:: Provided material ::

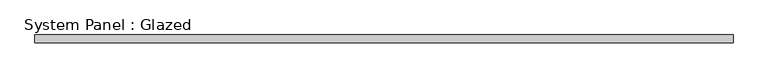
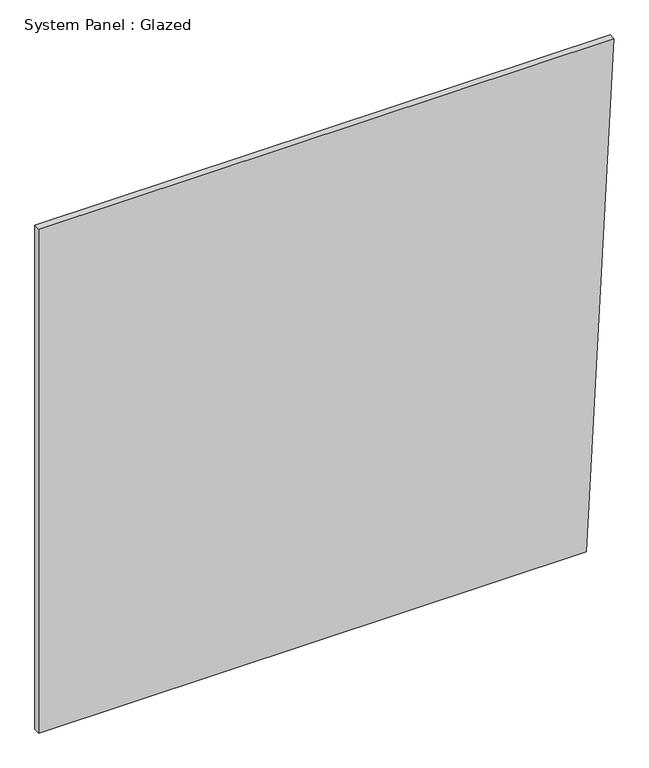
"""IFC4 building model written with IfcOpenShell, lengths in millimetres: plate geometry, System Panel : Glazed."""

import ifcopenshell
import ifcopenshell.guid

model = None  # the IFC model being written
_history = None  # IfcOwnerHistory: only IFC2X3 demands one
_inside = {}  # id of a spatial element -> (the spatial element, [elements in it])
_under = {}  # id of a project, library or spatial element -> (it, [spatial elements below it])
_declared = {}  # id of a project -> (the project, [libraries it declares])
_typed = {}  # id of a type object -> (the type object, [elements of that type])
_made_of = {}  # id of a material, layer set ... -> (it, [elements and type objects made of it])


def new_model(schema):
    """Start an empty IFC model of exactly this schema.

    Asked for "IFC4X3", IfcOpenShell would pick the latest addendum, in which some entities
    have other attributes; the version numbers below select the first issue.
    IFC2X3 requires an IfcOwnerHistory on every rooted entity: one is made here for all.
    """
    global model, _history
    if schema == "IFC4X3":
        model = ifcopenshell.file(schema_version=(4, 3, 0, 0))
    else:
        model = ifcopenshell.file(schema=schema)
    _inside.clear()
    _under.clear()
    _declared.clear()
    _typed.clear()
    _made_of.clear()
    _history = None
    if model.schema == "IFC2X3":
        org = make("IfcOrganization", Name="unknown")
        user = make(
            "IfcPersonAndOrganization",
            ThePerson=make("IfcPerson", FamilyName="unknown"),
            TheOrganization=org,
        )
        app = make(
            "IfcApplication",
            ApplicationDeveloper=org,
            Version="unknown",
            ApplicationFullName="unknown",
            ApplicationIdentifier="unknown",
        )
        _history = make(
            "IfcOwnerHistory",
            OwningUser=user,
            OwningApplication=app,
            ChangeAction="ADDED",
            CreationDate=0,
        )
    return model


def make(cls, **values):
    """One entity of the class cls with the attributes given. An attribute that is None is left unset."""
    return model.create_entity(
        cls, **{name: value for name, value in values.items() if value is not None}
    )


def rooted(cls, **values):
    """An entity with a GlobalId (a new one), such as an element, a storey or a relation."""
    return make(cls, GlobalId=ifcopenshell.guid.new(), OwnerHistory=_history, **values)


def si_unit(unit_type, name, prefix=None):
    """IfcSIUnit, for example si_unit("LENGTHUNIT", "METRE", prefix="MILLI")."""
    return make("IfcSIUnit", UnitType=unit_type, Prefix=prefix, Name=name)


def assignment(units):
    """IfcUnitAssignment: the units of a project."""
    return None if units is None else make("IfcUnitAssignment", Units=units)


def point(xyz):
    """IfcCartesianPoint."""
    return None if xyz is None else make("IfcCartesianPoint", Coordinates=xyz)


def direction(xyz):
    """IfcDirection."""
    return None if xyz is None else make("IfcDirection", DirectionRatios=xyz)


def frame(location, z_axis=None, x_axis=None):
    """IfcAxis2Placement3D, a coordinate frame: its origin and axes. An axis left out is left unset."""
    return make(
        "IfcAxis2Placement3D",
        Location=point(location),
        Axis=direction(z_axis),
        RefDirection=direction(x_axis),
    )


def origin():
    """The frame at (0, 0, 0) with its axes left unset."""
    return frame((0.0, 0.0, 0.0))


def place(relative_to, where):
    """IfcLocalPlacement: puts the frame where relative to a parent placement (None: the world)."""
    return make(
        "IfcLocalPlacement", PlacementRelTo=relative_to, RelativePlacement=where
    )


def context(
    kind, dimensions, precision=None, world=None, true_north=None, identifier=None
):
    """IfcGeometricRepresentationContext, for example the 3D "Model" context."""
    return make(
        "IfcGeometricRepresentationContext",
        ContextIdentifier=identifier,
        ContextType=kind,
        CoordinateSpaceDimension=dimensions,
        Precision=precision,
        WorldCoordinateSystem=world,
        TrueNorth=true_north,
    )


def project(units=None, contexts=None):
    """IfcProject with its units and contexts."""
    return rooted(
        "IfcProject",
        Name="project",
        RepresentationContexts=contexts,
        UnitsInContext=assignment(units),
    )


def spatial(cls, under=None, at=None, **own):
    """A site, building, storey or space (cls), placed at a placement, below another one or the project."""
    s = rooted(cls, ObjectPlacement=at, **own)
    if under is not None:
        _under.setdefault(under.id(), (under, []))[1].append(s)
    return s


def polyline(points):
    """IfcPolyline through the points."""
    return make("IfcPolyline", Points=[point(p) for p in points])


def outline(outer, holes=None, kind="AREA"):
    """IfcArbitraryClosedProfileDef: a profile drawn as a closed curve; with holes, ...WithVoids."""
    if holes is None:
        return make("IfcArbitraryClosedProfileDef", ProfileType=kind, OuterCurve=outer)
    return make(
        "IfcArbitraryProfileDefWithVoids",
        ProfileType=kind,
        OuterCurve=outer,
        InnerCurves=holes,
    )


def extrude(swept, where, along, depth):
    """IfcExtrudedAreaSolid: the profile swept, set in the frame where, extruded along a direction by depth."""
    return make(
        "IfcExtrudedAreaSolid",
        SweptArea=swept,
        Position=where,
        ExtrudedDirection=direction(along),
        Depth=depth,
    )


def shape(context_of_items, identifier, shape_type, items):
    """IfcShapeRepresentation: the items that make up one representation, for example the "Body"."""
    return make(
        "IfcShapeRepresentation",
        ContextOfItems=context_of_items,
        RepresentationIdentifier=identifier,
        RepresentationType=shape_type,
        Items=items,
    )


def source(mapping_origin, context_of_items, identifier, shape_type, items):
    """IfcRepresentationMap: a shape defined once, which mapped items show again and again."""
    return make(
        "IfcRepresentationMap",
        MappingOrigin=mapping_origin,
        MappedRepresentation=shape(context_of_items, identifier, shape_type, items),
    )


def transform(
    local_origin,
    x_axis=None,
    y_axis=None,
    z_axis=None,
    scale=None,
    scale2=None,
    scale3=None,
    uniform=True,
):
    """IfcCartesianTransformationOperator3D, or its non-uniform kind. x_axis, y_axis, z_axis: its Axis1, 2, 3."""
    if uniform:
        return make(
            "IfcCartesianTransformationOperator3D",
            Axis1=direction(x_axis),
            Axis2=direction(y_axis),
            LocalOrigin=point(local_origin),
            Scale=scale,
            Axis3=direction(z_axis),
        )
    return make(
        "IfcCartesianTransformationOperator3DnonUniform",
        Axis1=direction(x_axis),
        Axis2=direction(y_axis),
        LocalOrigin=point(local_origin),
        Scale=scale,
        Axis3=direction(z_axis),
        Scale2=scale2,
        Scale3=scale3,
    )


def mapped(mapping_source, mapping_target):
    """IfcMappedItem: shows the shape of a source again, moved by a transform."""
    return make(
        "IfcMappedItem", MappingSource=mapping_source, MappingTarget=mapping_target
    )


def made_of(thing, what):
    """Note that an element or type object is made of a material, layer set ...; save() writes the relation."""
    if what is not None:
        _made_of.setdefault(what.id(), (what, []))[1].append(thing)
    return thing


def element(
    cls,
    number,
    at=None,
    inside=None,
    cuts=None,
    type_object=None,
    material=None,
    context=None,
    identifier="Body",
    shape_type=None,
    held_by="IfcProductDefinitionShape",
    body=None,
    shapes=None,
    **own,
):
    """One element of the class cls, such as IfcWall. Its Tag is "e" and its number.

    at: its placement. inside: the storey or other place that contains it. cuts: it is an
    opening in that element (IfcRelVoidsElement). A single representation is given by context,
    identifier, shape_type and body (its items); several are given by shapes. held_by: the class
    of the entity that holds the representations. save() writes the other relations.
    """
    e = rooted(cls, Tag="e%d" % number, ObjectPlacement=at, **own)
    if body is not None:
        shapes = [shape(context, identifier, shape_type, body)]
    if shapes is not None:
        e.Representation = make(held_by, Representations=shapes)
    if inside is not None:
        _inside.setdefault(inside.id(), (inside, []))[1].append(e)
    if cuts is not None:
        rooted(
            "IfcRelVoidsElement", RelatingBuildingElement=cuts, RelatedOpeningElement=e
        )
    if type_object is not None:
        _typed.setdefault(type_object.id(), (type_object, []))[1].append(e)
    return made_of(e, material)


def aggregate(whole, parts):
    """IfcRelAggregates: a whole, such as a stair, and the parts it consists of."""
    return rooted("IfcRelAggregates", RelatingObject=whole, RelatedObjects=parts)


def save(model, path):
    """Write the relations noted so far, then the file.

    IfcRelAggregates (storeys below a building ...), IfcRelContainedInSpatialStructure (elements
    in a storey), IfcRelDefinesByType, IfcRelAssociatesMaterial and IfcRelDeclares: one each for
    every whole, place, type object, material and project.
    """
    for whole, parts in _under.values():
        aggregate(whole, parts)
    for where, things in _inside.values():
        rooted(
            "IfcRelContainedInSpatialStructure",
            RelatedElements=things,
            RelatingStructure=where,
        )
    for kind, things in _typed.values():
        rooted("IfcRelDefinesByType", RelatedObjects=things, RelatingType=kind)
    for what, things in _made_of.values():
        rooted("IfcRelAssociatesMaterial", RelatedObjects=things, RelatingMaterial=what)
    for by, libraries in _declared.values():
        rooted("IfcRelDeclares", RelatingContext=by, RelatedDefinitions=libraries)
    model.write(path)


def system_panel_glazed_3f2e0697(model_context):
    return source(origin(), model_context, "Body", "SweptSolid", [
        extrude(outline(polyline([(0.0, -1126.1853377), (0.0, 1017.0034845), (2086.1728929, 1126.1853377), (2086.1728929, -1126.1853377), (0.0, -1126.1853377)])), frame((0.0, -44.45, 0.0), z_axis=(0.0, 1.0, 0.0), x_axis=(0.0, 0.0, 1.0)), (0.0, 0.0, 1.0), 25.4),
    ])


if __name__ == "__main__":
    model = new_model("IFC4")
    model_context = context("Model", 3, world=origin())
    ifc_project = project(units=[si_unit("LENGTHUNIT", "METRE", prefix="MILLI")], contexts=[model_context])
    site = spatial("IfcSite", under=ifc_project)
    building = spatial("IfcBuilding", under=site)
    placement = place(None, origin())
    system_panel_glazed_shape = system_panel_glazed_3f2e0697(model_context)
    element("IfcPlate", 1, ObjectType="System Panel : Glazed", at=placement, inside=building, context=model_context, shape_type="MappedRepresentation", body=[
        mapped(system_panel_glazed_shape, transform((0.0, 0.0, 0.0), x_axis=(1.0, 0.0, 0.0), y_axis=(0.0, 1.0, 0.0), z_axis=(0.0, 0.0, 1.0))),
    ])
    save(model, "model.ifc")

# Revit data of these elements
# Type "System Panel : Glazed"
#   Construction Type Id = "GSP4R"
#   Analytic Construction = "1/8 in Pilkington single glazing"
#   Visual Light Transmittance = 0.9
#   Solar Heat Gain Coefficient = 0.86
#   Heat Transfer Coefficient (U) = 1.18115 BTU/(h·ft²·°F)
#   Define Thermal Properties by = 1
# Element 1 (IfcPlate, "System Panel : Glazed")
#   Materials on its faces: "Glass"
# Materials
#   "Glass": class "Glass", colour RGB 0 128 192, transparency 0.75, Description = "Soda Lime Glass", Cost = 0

:: Task brief ::
Look over the entries for "IfcSIUnit", then copy every line that includes that string.

:: Result below ::
    """IfcSIUnit, for example si_unit("LENGTHUNIT", "METRE", prefix="MILLI")."""
    return make("IfcSIUnit", UnitType=unit_type, Prefix=prefix, Name=name)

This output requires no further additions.